§ **Problem details**:
Line by line, set down the records below from the first line through the line containing "IFC2X3 demands one". Omit the pictures.

:: Supplied records

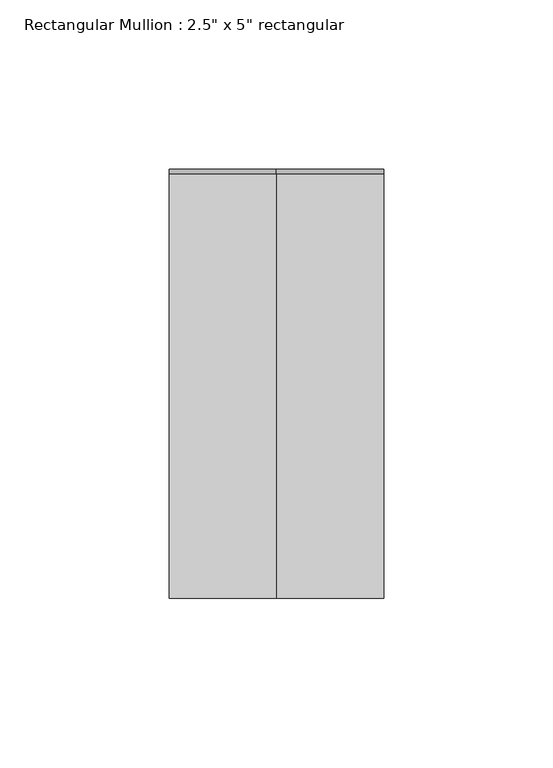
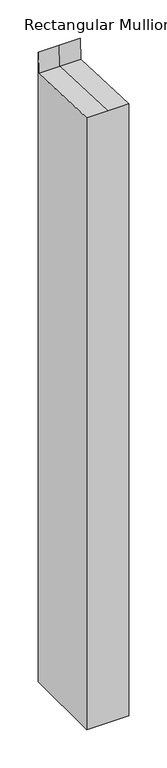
"""IFC4 building model written with IfcOpenShell, lengths in millimetres: member geometry."""

import ifcopenshell
import ifcopenshell.guid

model = None  # the IFC model being written
_history = None  # IfcOwnerHistory: only IFC2X3 demands one
_inside = {}  # id of a spatial element -> (the spatial element, [elements in it])
_under = {}  # id of a project, library or spatial element -> (it, [spatial elements below it])
_declared = {}  # id of a project -> (the project, [libraries it declares])
_typed = {}  # id of a type object -> (the type object, [elements of that type])
_made_of = {}  # id of a material, layer set ... -> (it, [elements and type objects made of it])


def new_model(schema):
    """Start an empty IFC model of exactly this schema.

    Asked for "IFC4X3", IfcOpenShell would pick the latest addendum, in which some entities
    have other attributes; the version numbers below select the first issue.
    IFC2X3 requires an IfcOwnerHistory on every rooted entity: one is made here for all.
    """
    global model, _history
    if schema == "IFC4X3":
        model = ifcopenshell.file(schema_version=(4, 3, 0, 0))
    else:
        model = ifcopenshell.file(schema=schema)
    _inside.clear()
    _under.clear()
    _declared.clear()
    _typed.clear()
    _made_of.clear()
    _history = None
    if model.schema == "IFC2X3":
        org = make("IfcOrganization", Name="unknown")
        user = make(
            "IfcPersonAndOrganization",
            ThePerson=make("IfcPerson", FamilyName="unknown"),
            TheOrganization=org,
        )
        app = make(
            "IfcApplication",
            ApplicationDeveloper=org,
            Version="unknown",
            ApplicationFullName="unknown",
            ApplicationIdentifier="unknown",
        )
        _history = make(
            "IfcOwnerHistory",
            OwningUser=user,
            OwningApplication=app,
            ChangeAction="ADDED",
            CreationDate=0,
        )
    return model


def make(cls, **values):
    """One entity of the class cls with the attributes given. An attribute that is None is left unset."""
    return model.create_entity(
        cls, **{name: value for name, value in values.items() if value is not None}
    )


def rooted(cls, **values):
    """An entity with a GlobalId (a new one), such as an element, a storey or a relation."""
    return make(cls, GlobalId=ifcopenshell.guid.new(), OwnerHistory=_history, **values)


def si_unit(unit_type, name, prefix=None):
    """IfcSIUnit, for example si_unit("LENGTHUNIT", "METRE", prefix="MILLI")."""
    return make("IfcSIUnit", UnitType=unit_type, Prefix=prefix, Name=name)


def assignment(units):
    """IfcUnitAssignment: the units of a project."""
    return None if units is None else make("IfcUnitAssignment", Units=units)


def point(xyz):
    """IfcCartesianPoint."""
    return None if xyz is None else make("IfcCartesianPoint", Coordinates=xyz)


def direction(xyz):
    """IfcDirection."""
    return None if xyz is None else make("IfcDirection", DirectionRatios=xyz)


def frame(location, z_axis=None, x_axis=None):
    """IfcAxis2Placement3D, a coordinate frame: its origin and axes. An axis left out is left unset."""
    return make(
        "IfcAxis2Placement3D",
        Location=point(location),
        Axis=direction(z_axis),
        RefDirection=direction(x_axis),
    )


def origin():
    """The frame at (0, 0, 0) with its axes left unset."""
    return frame((0.0, 0.0, 0.0))


def place(relative_to, where):
    """IfcLocalPlacement: puts the frame where relative to a parent placement (None: the world)."""
    return make(
        "IfcLocalPlacement", PlacementRelTo=relative_to, RelativePlacement=where
    )


def context(
    kind, dimensions, precision=None, world=None, true_north=None, identifier=None
):
    """IfcGeometricRepresentationContext, for example the 3D "Model" context."""
    return make(
        "IfcGeometricRepresentationContext",
        ContextIdentifier=identifier,
        ContextType=kind,
        CoordinateSpaceDimension=dimensions,
        Precision=precision,
        WorldCoordinateSystem=world,
        TrueNorth=true_north,
    )


def project(units=None, contexts=None):
    """IfcProject with its units and contexts."""
    return rooted(
        "IfcProject",
        Name="project",
        RepresentationContexts=contexts,
        UnitsInContext=assignment(units),
    )


def spatial(cls, under=None, at=None, **own):
    """A site, building, storey or space (cls), placed at a placement, below another one or the project."""
    s = rooted(cls, ObjectPlacement=at, **own)
    if under is not None:
        _under.setdefault(under.id(), (under, []))[1].append(s)
    return s


def faces_of(points, faces, orient=None, outer=None):
    """IfcFace entities. A face is a list of loops; a loop is a list of indices into points, from 0.

    orient and outer hold one flag for each loop. By default every Orientation is true, the
    first loop of a face is its IfcFaceOuterBound and the others are IfcFaceBound.
    """
    made = []
    for i, loops in enumerate(faces):
        bounds = []
        for j, loop in enumerate(loops):
            is_outer = j == 0 if outer is None else outer[i][j]
            bounds.append(
                make(
                    "IfcFaceOuterBound" if is_outer else "IfcFaceBound",
                    Bound=make("IfcPolyLoop", Polygon=[points[k] for k in loop]),
                    Orientation=True if orient is None else orient[i][j],
                )
            )
        made.append(make("IfcFace", Bounds=bounds))
    return made


def faceted_brep(points, faces, orient=None, outer=None, voids=None):
    """IfcFacetedBrep: a solid bounded by flat faces; with voids (closed shells), ...WithVoids."""
    shared = [point(p) for p in points]
    hull = make("IfcClosedShell", CfsFaces=faces_of(shared, faces, orient, outer))
    if voids is None:
        return make("IfcFacetedBrep", Outer=hull)
    return make(
        "IfcFacetedBrepWithVoids",
        Outer=hull,
        Voids=[
            make(cls, CfsFaces=faces_of(shared, fs, o, b)) for cls, fs, o, b in voids
        ],
    )


def shape(context_of_items, identifier, shape_type, items):
    """IfcShapeRepresentation: the items that make up one representation, for example the "Body"."""
    return make(
        "IfcShapeRepresentation",
        ContextOfItems=context_of_items,
        RepresentationIdentifier=identifier,
        RepresentationType=shape_type,
        Items=items,
    )


def source(mapping_origin, context_of_items, identifier, shape_type, items):
    """IfcRepresentationMap: a shape defined once, which mapped items show again and again."""
    return make(
        "IfcRepresentationMap",
        MappingOrigin=mapping_origin,
        MappedRepresentation=shape(context_of_items, identifier, shape_type, items),
    )


def transform(
    local_origin,
    x_axis=None,
    y_axis=None,
    z_axis=None,
    scale=None,
    scale2=None,
    scale3=None,
    uniform=True,
):
    """IfcCartesianTransformationOperator3D, or its non-uniform kind. x_axis, y_axis, z_axis: its Axis1, 2, 3."""
    if uniform:
        return make(
            "IfcCartesianTransformationOperator3D",
            Axis1=direction(x_axis),
            Axis2=direction(y_axis),
            LocalOrigin=point(local_origin),
            Scale=scale,
            Axis3=direction(z_axis),
        )
    return make(
        "IfcCartesianTransformationOperator3DnonUniform",
        Axis1=direction(x_axis),
        Axis2=direction(y_axis),
        LocalOrigin=point(local_origin),
        Scale=scale,
        Axis3=direction(z_axis),
        Scale2=scale2,
        Scale3=scale3,
    )


def mapped(mapping_source, mapping_target):
    """IfcMappedItem: shows the shape of a source again, moved by a transform."""
    return make(
        "IfcMappedItem", MappingSource=mapping_source, MappingTarget=mapping_target
    )


def made_of(thing, what):
    """Note that an element or type object is made of a material, layer set ...; save() writes the relation."""
    if what is not None:
        _made_of.setdefault(what.id(), (what, []))[1].append(thing)
    return thing


def element(
    cls,
    number,
    at=None,
    inside=None,
    cuts=None,
    type_object=None,
    material=None,
    context=None,
    identifier="Body",
    shape_type=None,
    held_by="IfcProductDefinitionShape",
    body=None,
    shapes=None,
    **own,
):
    """One element of the class cls, such as IfcWall. Its Tag is "e" and its number.

    at: its placement. inside: the storey or other place that contains it. cuts: it is an
    opening in that element (IfcRelVoidsElement). A single representation is given by context,
    identifier, shape_type and body (its items); several are given by shapes. held_by: the class
    of the entity that holds the representations. save() writes the other relations.
    """
    e = rooted(cls, Tag="e%d" % number, ObjectPlacement=at, **own)
    if body is not None:
        shapes = [shape(context, identifier, shape_type, body)]
    if shapes is not None:
        e.Representation = make(held_by, Representations=shapes)
    if inside is not None:
        _inside.setdefault(inside.id(), (inside, []))[1].append(e)
    if cuts is not None:
        rooted(
            "IfcRelVoidsElement", RelatingBuildingElement=cuts, RelatedOpeningElement=e
        )
    if type_object is not None:
        _typed.setdefault(type_object.id(), (type_object, []))[1].append(e)
    return made_of(e, material)


def aggregate(whole, parts):
    """IfcRelAggregates: a whole, such as a stair, and the parts it consists of."""
    return rooted("IfcRelAggregates", RelatingObject=whole, RelatedObjects=parts)


def save(model, path):
    """Write the relations noted so far, then the file.

    IfcRelAggregates (storeys below a building ...), IfcRelContainedInSpatialStructure (elements
    in a storey), IfcRelDefinesByType, IfcRelAssociatesMaterial and IfcRelDeclares: one each for
    every whole, place, type object, material and project.
    """
    for whole, parts in _under.values():
        aggregate(whole, parts)
    for where, things in _inside.values():
        rooted(
            "IfcRelContainedInSpatialStructure",
            RelatedElements=things,
            RelatingStructure=where,
        )
    for kind, things in _typed.values():
        rooted("IfcRelDefinesByType", RelatedObjects=things, RelatingType=kind)
    for what, things in _made_of.values():
        rooted("IfcRelAssociatesMaterial", RelatedObjects=things, RelatingMaterial=what)
    for by, libraries in _declared.values():
        rooted("IfcRelDeclares", RelatingContext=by, RelatedDefinitions=libraries)
    model.write(path)


def member_50dcdc43(model_context):
    return source(origin(), model_context, "Body", "Brep", [
        faceted_brep([(31.75, 63.5, -976.0678627), (31.75, -63.5, -976.0678627), (-31.75, -63.5, -976.0678627), (-31.75, 63.5, -976.0678627), (-31.75, 63.5, 30.354381), (0.0, 63.5, 30.354381), (31.75, 63.5, 30.354381), (-31.75, -63.5, 2.7618988), (-31.75, 62.043738, -2.7592318), (31.75, -63.5, 2.7618988), (0.0, -63.5, 2.7618988), (31.75, 62.043738, -2.7592318), (0.0, 62.043738, -2.7592318)], [[[0, 1, 2, 3]], [[4, 5, 6, 0, 3]], [[7, 8, 4, 3, 2]], [[9, 10, 7, 2, 1]], [[6, 11, 9, 1, 0]], [[6, 5, 12, 11]], [[5, 4, 8, 12]], [[8, 7, 10, 12]], [[10, 9, 11, 12]]]),
    ])


if __name__ == "__main__":
    model = new_model("IFC4")
    model_context = context("Model", 3, world=origin())
    ifc_project = project(units=[si_unit("LENGTHUNIT", "METRE", prefix="MILLI")], contexts=[model_context])
    site = spatial("IfcSite", under=ifc_project)
    building = spatial("IfcBuilding", under=site)
    placement = place(None, origin())
    member_shape = member_50dcdc43(model_context)
    element("IfcMember", 1, ObjectType="Rectangular Mullion : 2.5\" x 5\" rectangular", at=placement, inside=building, context=model_context, shape_type="MappedRepresentation", body=[
        mapped(member_shape, transform((0.0, 0.0, 0.0), x_axis=(1.0, 0.0, 0.0), y_axis=(0.0, 1.0, 0.0), z_axis=(0.0, 0.0, 1.0))),
    ])
    save(model, "model.ifc")

::::

§ **Response to this exercise**:
"""IFC4 building model written with IfcOpenShell, lengths in millimetres: member geometry."""

import ifcopenshell
import ifcopenshell.guid

model = None  # the IFC model being written
_history = None  # IfcOwnerHistory: only IFC2X3 demands one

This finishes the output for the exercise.